Sonnet 3.5 is $3/M in, $15/M out; a 2000-token request is ¢0.6, and a 400 token output is ¢0.6. One participant wrote:

having attempts linked to tokens with a tangible cost makes me feel more reticent to keep spamming the remake command. (or it would if I were the one paying ;) )

According to usage stats, my Anthropic account used about 2.8M input tokens and maybe 0.4M output tokens on June 4. That's about $15 dollars total. Anthropic billed me $13 for Jun04 – let's call it a tenner. For those of you in the room, most of the groups used $1-2 of Claude, but group05, 07 and 10 used $0.5 or less, while group09 used $2.11.

The workshop had access to OpenAI, but GPT4o-mini was poor at rewriting code to pass tests, and GPT-4 was s l o w. Total OpenAI usage seemed to be around 50 requests across 8 groups, using 0.4M tokens. Thirsty group09 had their share, but thrifty groups05, 07 and 10 didn't seem to make a dent. Perhaps their participants used their own tokens...

Workshop participants will remember that we ran out of (Anthropic) tokens after an hour or so. Handily, that was easy to find out about, and fast to fix. It wouldn't have happened at all if I'd remembered to top up the account beforehand, or had published the realtime cost on screen as planned.

LLM Consumption

Reading How Hungry is AI? Benchmarking Energy, Water, and Carbon Footprint of LLM Inference, I find that Claude 3.7 Sonnet consumes 2.7 Wh for a query with 1k tokens input / 1k output, and 5.5Wh for 10k in / 1.5k out. From the same paper, it consumes around 20ml water and emits around 2.5g CO2 for the larger query.

Taking those values and scaling (by 2.8e6/10e3 =280 ) one might imagine that the workshop consumed 5.5 * 280 = 1.5kWh in energy and 5.6l water, emitting 700g CO2.

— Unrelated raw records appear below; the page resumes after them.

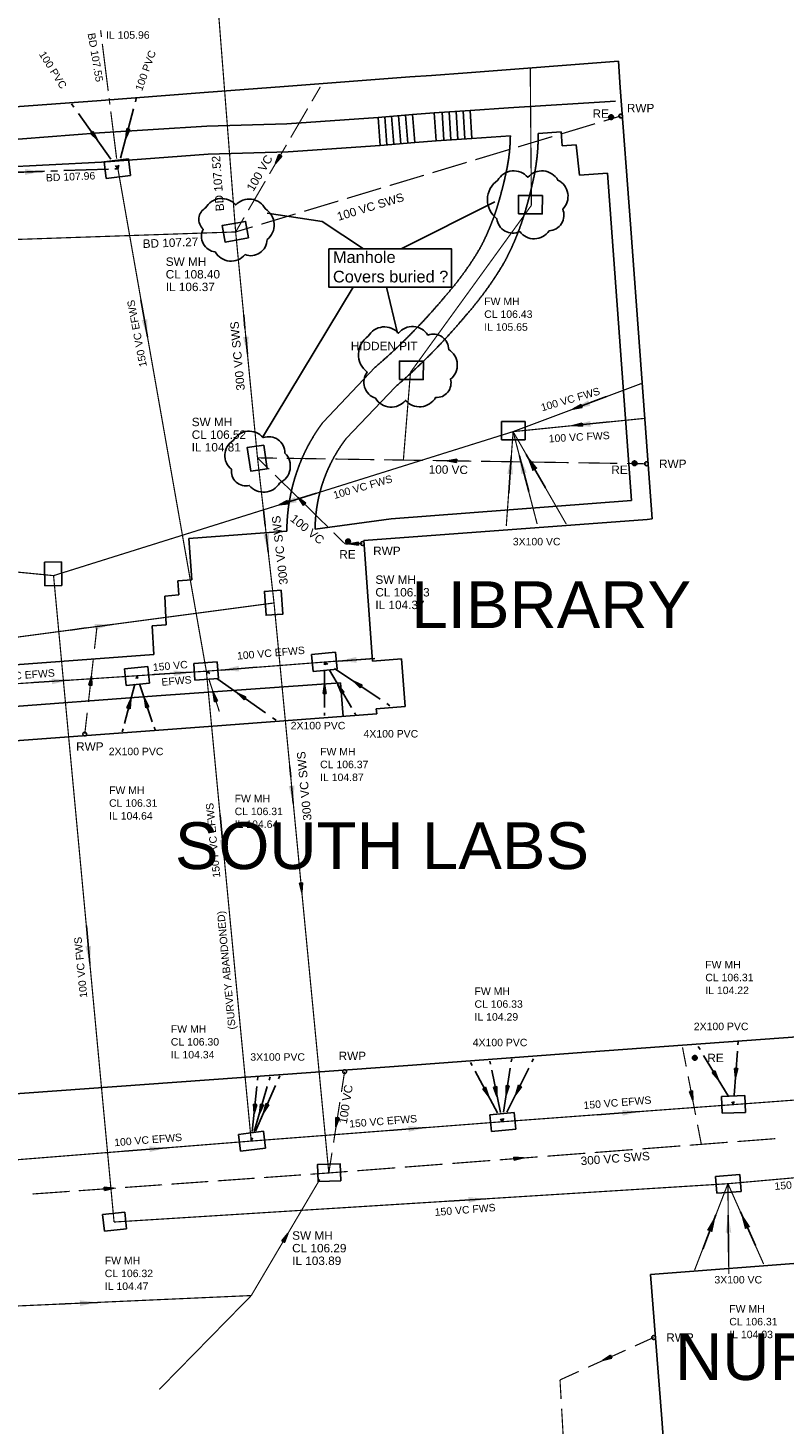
# Model space of a CAD drawing. Extents: x 14683 to 402730, y 286898 to 590920.
# Tile 11 of 39: x 170889 to 203205, y 361675 to 421345. Entities that reach past the tile are written whole.
import ezdxf

# ---------------------------------------------------------------- set-up
doc = ezdxf.new("R2010")
doc.units = 0
doc.header["$LTSCALE"] = 1500
doc.header["$MEASUREMENT"] = 0
for name, pattern in [('01-SITE PLAN$0$ECL-001', [100, 50, 0, 50]), ('CENTRE', [2, 1.25, -0.25, 0.25, -0.25]), ('DASHED', [0.75, 0.5, -0.25]), ('ECL-001', [100, 50, 0, 50]), ('PHANTOM', [2.5, 1.25, -0.25, 0.25, -0.25, 0.25, -0.25])]:
    doc.linetypes.add(name, pattern=pattern)
doc.layers.get('0').update_dxf_attribs({"linetype": 'CONTINUOUS'})
for name, color, linetype in [('01-SITE PLAN$0$_NIBSC_A site plan', 7, 'CONTINUOUS'), ('01-SITE PLAN$0$_NIBSC_S text', 7, 'CONTINUOUS'), ('_NIBSC_PH efws', 10, 'CENTRE'), ('_NIBSC_PH efws manholes', 10, 'CONTINUOUS'), ('_NIBSC_PH efws text', 10, 'CONTINUOUS'), ('_NIBSC_PH fws', 80, 'PHANTOM'), ('_NIBSC_PH fws manholes', 80, 'CONTINUOUS'), ('_NIBSC_PH fws text', 80, 'CONTINUOUS'), ('_NIBSC_PH rev cloud', 12, 'CONTINUOUS'), ('_NIBSC_PH rodding eye', 7, 'CONTINUOUS'), ('_NIBSC_PH rwp svp', 210, 'CONTINUOUS'), ('_NIBSC_PH sws', 160, 'DASHED'), ('_NIBSC_PH sws manholes', 160, 'CONTINUOUS'), ('_NIBSC_PH sws text', 160, 'CONTINUOUS'), ('Xref', 7, 'CONTINUOUS')]:
    doc.layers.add(name, color=color, linetype=linetype)
doc.styles.add('01-SITE PLAN$0$Standard', font='arial.ttf')
doc.styles.get("Standard").update_dxf_attribs({"font": 'arial.ttf'})
doc.dimstyles.new('NIBSC 1-200', dxfattribs={"dimscale": 300, "dimtxt": 2.5, "dimasz": 2.5, "dimexe": 1.25, "dimexo": 0.625, "dimtad": 1, "dimdec": 0, "dimdsep": 46, "dimtxsty": 'Standard', "dimcen": 2.5, "dimclrd": 256, "dimclre": 256, "dimadec": 0, "dimazin": 0, "dimtfac": 1, "dimtdec": 0, "dimtmove": 0, "dimatfit": 2, "dimfxl": 1, "dimlwd": -1, "dimlwe": -1, "dimarcsym": 0})

# ---------------------------------------------------------------- blocks, each defined once
blk = doc.blocks.new('ECL-023-289')
at = {"layer": '_NIBSC_PH efws', "color": 1, "linetype": 'Continuous'}
for p, q in [((521664.122, 200300.824), (521664.1989, 200300.7009)), ((521664.3527, 200300.4547), (521665.4293, 200298.7313)), ((521674.474, 200299.00863), (521676.434, 200299.1547)), ((521676.714, 200299.17557), (521676.854, 200299.186)), ((521676.854, 200299.186), (521676.9902, 200299.19073)), ((521677.2626, 200299.2002), (521679.1694, 200299.26647)), ((521679.4418, 200299.27593), (521679.7142, 200299.2854)), ((521679.9866, 200299.29487), (521681.8934, 200299.36113)), ((521682.1658, 200299.3706), (521682.4382, 200299.38007)), ((521682.7106, 200299.38953), (521684.6174, 200299.4558)), ((521684.8898, 200299.46527), (521685.026, 200299.47)), ((521666.0791, 200298.3917), (521668.0349, 200298.5303)), ((521668.3143, 200298.5501), (521668.454, 200298.56)), ((521668.454, 200298.56), (521668.594, 200298.57043)), ((521668.874, 200298.5913), (521670.834, 200298.73737)), ((521671.114, 200298.75823), (521671.394, 200298.7791)), ((521671.674, 200298.79997), (521673.634, 200298.94603)), ((521673.914, 200298.9669), (521674.194, 200298.98777)), ((521665.5831, 200298.4851), (521665.66, 200298.362)), ((521665.66, 200298.362), (521665.7997, 200298.3719))]:
    blk.add_line(p, q, dxfattribs=at)
blk = doc.blocks.new('ECL-023-301')
at = {"layer": '_NIBSC_PH efws', "color": 1, "linetype": 'Continuous'}
for p, q in [((521685.81, 200302.48), (521685.7708, 200302.3295)), ((521685.6924, 200302.0285), (521685.1436, 200299.9215)), ((521685.0652, 200299.6205), (521685.026, 200299.47))]:
    blk.add_line(p, q, dxfattribs=at)
blk = doc.blocks.new('ECBL96')
at = {"color": 0, "linetype": 'ByBlock'}
for points in [[(-0.17188, -0.5), (0, 0.5), (0.17188, -0.5), (-0.17188, -0.5)], [(0, 0.5), (-0.09375, -0.5), (0, -0.5), (0, 0.5), (0.07813, -0.5)]]:
    blk.add_lwpolyline(points, dxfattribs=at)
blk = doc.blocks.new('ECL-021-302')
at = {"layer": '_NIBSC_PH efws', "color": 1, "xscale": 0.4, "yscale": 0.4, "zscale": 0.4, "rotation": 165.40082}
blk.add_blockref('ECBL96', (521685.418, 200300.975), dxfattribs=at)
blk = doc.blocks.new('ECL-023-303')
at = {"layer": '_NIBSC_PH efws', "color": 1, "linetype": 'Continuous'}
for p, q in [((521683.04, 200302.248), (521683.1393, 200302.1091)), ((521683.3379, 200301.8313), (521684.7281, 200299.8867)), ((521684.9267, 200299.6089), (521685.026, 200299.47))]:
    blk.add_line(p, q, dxfattribs=at)
blk = doc.blocks.new('ECL-021-304')
at = {"layer": '_NIBSC_PH efws', "color": 1, "xscale": 0.4, "yscale": 0.4, "zscale": 0.4, "rotation": 215.56108}
blk.add_blockref('ECBL96', (521684.033, 200300.859), dxfattribs=at)
blk = doc.blocks.new('ECL-023-315')
at = {"layer": '_NIBSC_PH efws', "color": 1, "linetype": 'Continuous'}
for p, q in [((521693.9997, 200278.2947), (521693.86, 200278.388)), ((521696.2349, 200276.8019), (521694.2791, 200278.1081)), ((521696.654, 200276.522), (521696.5143, 200276.6153))]:
    blk.add_line(p, q, dxfattribs=at)
blk = doc.blocks.new('ECL-021-316')
at = {"layer": '_NIBSC_PH efws', "color": 1, "xscale": 0.4, "yscale": 0.4, "zscale": 0.4, "rotation": 56.26264}
blk.add_blockref('ECBL96', (521695.257, 200277.455), dxfattribs=at)
blk = doc.blocks.new('ECL-023-317')
at = {"layer": '_NIBSC_PH efws', "color": 1, "linetype": 'Continuous'}
for p, q in [((521693.9273, 200278.274), (521693.86, 200278.388)), ((521695.0041, 200276.45), (521694.0619, 200278.046)), ((521695.206, 200276.108), (521695.1387, 200276.222))]:
    blk.add_line(p, q, dxfattribs=at)
blk = doc.blocks.new('ECL-021-318')
at = {"layer": '_NIBSC_PH efws', "color": 1, "xscale": 0.4, "yscale": 0.4, "zscale": 0.4, "rotation": 30.55552}
blk.add_blockref('ECBL96', (521694.533, 200277.248), dxfattribs=at)
blk = doc.blocks.new('ECL-023-319')
at = {"layer": '_NIBSC_PH efws', "color": 1, "linetype": 'Continuous'}
for p, q in [((521693.86, 200278.274), (521693.86, 200278.388)), ((521693.86, 200276.45), (521693.86, 200278.046)), ((521693.86, 200276.108), (521693.86, 200276.222))]:
    blk.add_line(p, q, dxfattribs=at)
blk = doc.blocks.new('ECL-021-320')
at = {"layer": '_NIBSC_PH efws', "color": 1, "xscale": 0.4, "yscale": 0.4, "zscale": 0.4}
blk.add_blockref('ECBL96', (521693.86, 200277.248), dxfattribs=at)
blk = doc.blocks.new('ECL-023-321')
at = {"layer": '_NIBSC_PH efws', "color": 1, "linetype": 'Continuous'}
for p, q in [((521688.9551, 200277.8912), (521688.806, 200277.996)), ((521691.3407, 200276.2144), (521689.2533, 200277.6816)), ((521691.788, 200275.9), (521691.6389, 200276.0048))]:
    blk.add_line(p, q, dxfattribs=at)
blk = doc.blocks.new('ECL-021-322')
at = {"layer": '_NIBSC_PH efws', "color": 1, "xscale": 0.4, "yscale": 0.4, "zscale": 0.4, "rotation": 54.89723}
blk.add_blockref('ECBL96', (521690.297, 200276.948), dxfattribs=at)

Let's put that into personal terms: That's as much liquid as two big supermarket bottles of milk, as much energy as is needed to boil water for 70 cups of tea, as much carbon as is emitted on a swift car ride to the shop. With domestic electricity in the UK around 25p/kWh, perhaps 40p of my £10 LLM cost is power – though only Anthropic knows what the actual bill might be.

This of course ignores the vast costs of training the models in the first place, the copyright theft needed to get the language models good-enough to be sensible (ingesting open-source software without language isn't enough), the risks inherent in training the lunatic chatbots to make us satisfied, and far more that I don't (yet) comprehend.